▶ [Exercise goal] Show all lines from the data that include the word "OBECNE".

▶ [Data for this exercise]
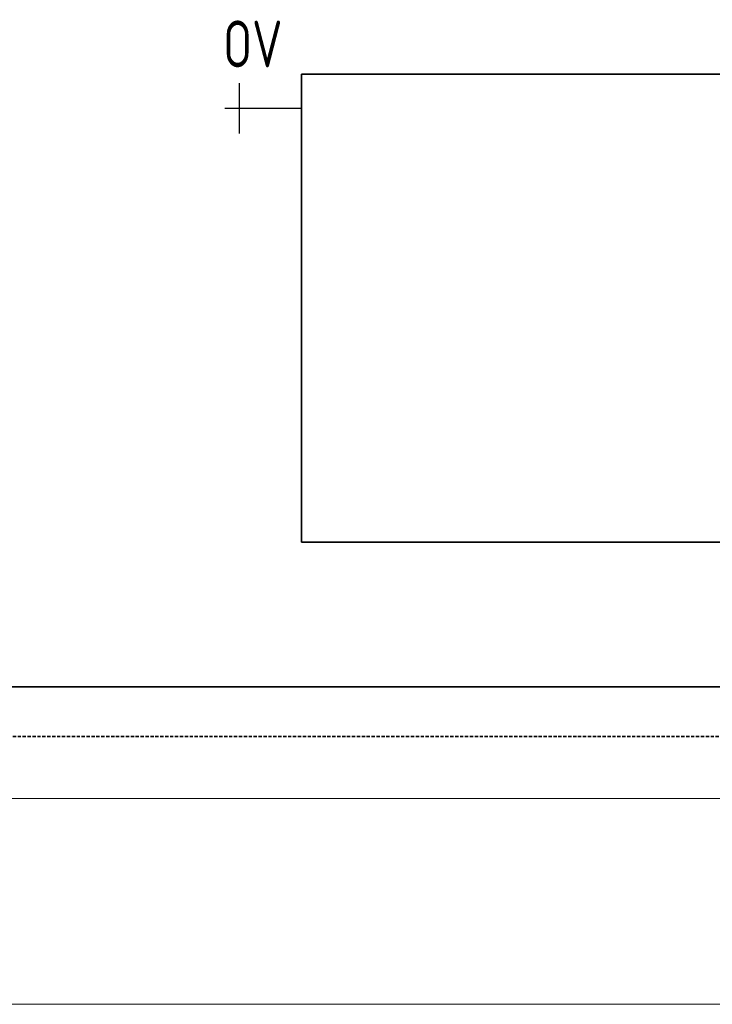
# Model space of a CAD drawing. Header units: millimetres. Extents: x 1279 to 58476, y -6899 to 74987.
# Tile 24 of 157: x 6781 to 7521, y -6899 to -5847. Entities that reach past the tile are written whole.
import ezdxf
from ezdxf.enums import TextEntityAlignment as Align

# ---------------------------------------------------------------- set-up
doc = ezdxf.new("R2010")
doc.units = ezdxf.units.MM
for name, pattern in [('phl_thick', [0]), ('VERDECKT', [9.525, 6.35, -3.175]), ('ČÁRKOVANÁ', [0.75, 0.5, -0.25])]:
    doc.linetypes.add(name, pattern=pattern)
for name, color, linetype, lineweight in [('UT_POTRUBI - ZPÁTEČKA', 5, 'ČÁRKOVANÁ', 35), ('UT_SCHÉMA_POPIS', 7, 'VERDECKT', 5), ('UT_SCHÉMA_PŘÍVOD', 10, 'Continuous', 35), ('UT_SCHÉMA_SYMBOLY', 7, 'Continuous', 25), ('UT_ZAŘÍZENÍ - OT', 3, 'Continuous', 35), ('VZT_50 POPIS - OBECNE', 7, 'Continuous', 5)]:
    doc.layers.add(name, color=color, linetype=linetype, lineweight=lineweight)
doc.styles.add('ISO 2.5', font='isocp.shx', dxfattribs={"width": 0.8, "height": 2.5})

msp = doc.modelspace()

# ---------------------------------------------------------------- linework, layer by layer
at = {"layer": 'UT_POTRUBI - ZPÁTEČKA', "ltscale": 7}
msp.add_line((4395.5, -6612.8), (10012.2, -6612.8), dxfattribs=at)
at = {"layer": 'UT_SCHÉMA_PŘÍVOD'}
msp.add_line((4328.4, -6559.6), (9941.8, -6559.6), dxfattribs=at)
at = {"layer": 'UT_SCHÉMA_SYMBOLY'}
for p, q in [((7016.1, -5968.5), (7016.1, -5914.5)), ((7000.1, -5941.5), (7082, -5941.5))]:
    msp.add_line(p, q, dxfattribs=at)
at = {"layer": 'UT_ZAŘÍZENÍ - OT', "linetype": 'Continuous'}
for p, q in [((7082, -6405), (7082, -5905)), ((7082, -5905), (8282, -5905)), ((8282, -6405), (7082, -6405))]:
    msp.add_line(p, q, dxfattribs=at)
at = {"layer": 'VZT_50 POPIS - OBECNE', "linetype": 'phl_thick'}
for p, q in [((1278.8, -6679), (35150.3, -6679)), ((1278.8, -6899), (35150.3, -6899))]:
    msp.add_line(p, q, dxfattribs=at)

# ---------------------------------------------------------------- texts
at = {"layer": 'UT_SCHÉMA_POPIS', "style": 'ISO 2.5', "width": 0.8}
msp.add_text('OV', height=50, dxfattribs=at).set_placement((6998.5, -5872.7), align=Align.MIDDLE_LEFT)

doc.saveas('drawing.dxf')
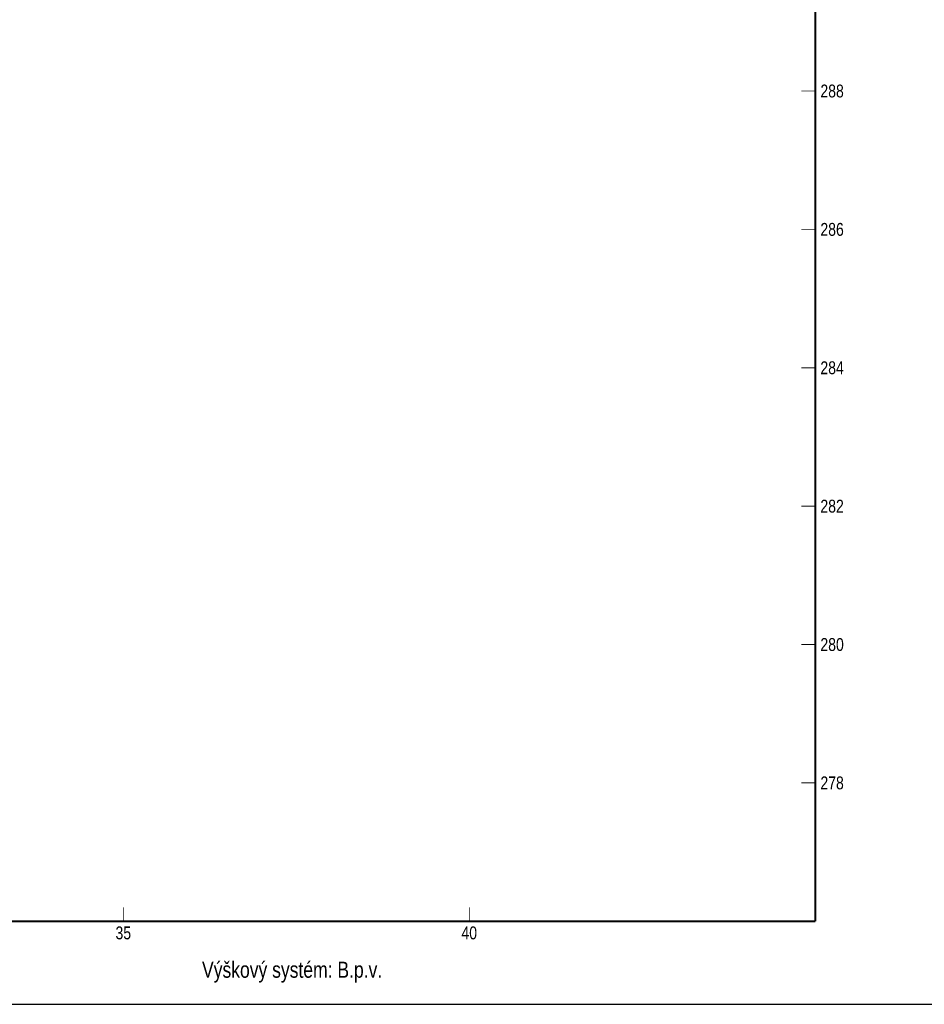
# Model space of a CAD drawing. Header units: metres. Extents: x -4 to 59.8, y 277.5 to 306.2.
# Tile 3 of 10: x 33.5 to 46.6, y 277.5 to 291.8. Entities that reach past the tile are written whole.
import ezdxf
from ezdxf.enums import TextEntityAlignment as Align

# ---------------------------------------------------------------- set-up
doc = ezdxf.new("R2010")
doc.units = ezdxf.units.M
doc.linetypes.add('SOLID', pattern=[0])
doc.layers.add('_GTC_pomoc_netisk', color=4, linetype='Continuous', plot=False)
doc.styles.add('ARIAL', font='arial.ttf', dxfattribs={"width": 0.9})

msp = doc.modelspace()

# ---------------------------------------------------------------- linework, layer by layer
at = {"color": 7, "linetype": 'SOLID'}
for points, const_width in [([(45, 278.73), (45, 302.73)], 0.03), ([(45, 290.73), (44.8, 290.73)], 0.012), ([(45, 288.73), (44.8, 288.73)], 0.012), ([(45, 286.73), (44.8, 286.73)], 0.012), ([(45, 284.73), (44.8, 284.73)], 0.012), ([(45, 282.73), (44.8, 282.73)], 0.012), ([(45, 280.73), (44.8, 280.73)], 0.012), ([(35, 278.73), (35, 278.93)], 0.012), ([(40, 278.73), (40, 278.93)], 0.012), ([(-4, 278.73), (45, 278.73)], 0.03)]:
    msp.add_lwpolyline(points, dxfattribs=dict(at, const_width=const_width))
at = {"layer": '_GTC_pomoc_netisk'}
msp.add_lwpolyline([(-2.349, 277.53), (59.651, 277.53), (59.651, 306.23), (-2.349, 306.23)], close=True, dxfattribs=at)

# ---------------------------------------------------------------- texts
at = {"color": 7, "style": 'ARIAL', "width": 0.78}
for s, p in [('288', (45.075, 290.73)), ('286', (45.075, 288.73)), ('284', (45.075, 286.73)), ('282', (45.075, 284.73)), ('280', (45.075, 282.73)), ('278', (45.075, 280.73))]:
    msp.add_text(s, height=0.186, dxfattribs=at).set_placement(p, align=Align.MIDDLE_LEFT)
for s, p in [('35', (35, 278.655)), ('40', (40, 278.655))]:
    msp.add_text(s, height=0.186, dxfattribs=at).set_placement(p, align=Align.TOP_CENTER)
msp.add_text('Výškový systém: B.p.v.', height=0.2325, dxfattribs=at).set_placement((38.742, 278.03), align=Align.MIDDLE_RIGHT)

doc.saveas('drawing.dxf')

▶ [Response to the task]
for name, color, linetype, lineweight in [('UT_POTRUBI - ZPÁTEČKA', 5, 'ČÁRKOVANÁ', 35), ('UT_SCHÉMA_POPIS', 7, 'VERDECKT', 5), ('UT_SCHÉMA_PŘÍVOD', 10, 'Continuous', 35), ('UT_SCHÉMA_SYMBOLY', 7, 'Continuous', 25), ('UT_ZAŘÍZENÍ - OT', 3, 'Continuous', 35), ('VZT_50 POPIS - OBECNE', 7, 'Continuous', 5)]:
at = {"layer": 'VZT_50 POPIS - OBECNE', "linetype": 'phl_thick'}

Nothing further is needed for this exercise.